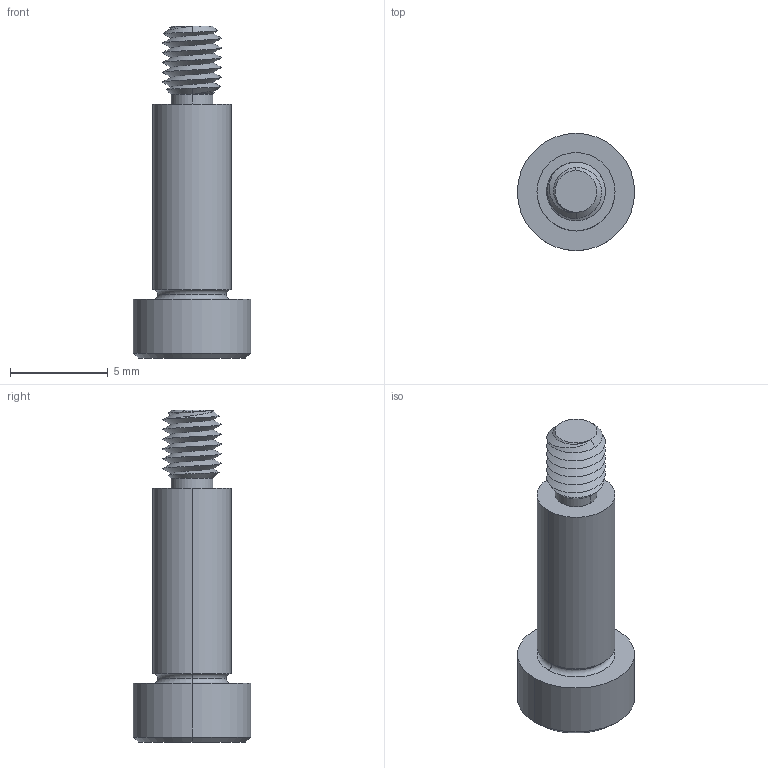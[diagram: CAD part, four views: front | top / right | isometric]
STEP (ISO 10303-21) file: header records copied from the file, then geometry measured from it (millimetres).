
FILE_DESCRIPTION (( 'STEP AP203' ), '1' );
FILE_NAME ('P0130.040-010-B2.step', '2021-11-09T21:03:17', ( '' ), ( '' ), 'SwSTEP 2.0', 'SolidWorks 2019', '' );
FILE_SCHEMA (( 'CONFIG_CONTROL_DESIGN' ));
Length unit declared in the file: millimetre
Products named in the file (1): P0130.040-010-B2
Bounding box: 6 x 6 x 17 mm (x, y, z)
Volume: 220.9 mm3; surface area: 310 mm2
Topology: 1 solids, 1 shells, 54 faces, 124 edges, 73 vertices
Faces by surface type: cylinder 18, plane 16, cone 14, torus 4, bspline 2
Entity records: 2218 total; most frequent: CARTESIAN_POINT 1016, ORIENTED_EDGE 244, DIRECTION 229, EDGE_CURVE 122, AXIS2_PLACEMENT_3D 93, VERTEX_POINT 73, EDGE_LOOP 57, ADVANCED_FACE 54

# Required work
Your task is to reproduce all of the material exactly. The pictures stay out.

# Answer box
[diagram: CAD part, four views: front | top / right | isometric]
STEP (ISO 10303-21) file: header records copied from the file, then geometry measured from it (millimetres).
FILE_DESCRIPTION (( 'STEP AP203' ), '1' );
FILE_NAME ('P0130.040-010-B2.step', '2021-11-09T21:03:17', ( '' ), ( '' ), 'SwSTEP 2.0', 'SolidWorks 2019', '' );
FILE_SCHEMA (( 'CONFIG_CONTROL_DESIGN' ));
Length unit declared in the file: millimetre
Products named in the file (1): P0130.040-010-B2
Bounding box: 6 x 6 x 17 mm (x, y, z)
Volume: 220.9 mm3; surface area: 310 mm2
Topology: 1 solids, 1 shells, 54 faces, 124 edges, 73 vertices
Faces by surface type: cylinder 18, plane 16, cone 14, torus 4, bspline 2
Entity records: 2218 total; most frequent: CARTESIAN_POINT 1016, ORIENTED_EDGE 244, DIRECTION 229, EDGE_CURVE 122, AXIS2_PLACEMENT_3D 93, VERTEX_POINT 73, EDGE_LOOP 57, ADVANCED_FACE 54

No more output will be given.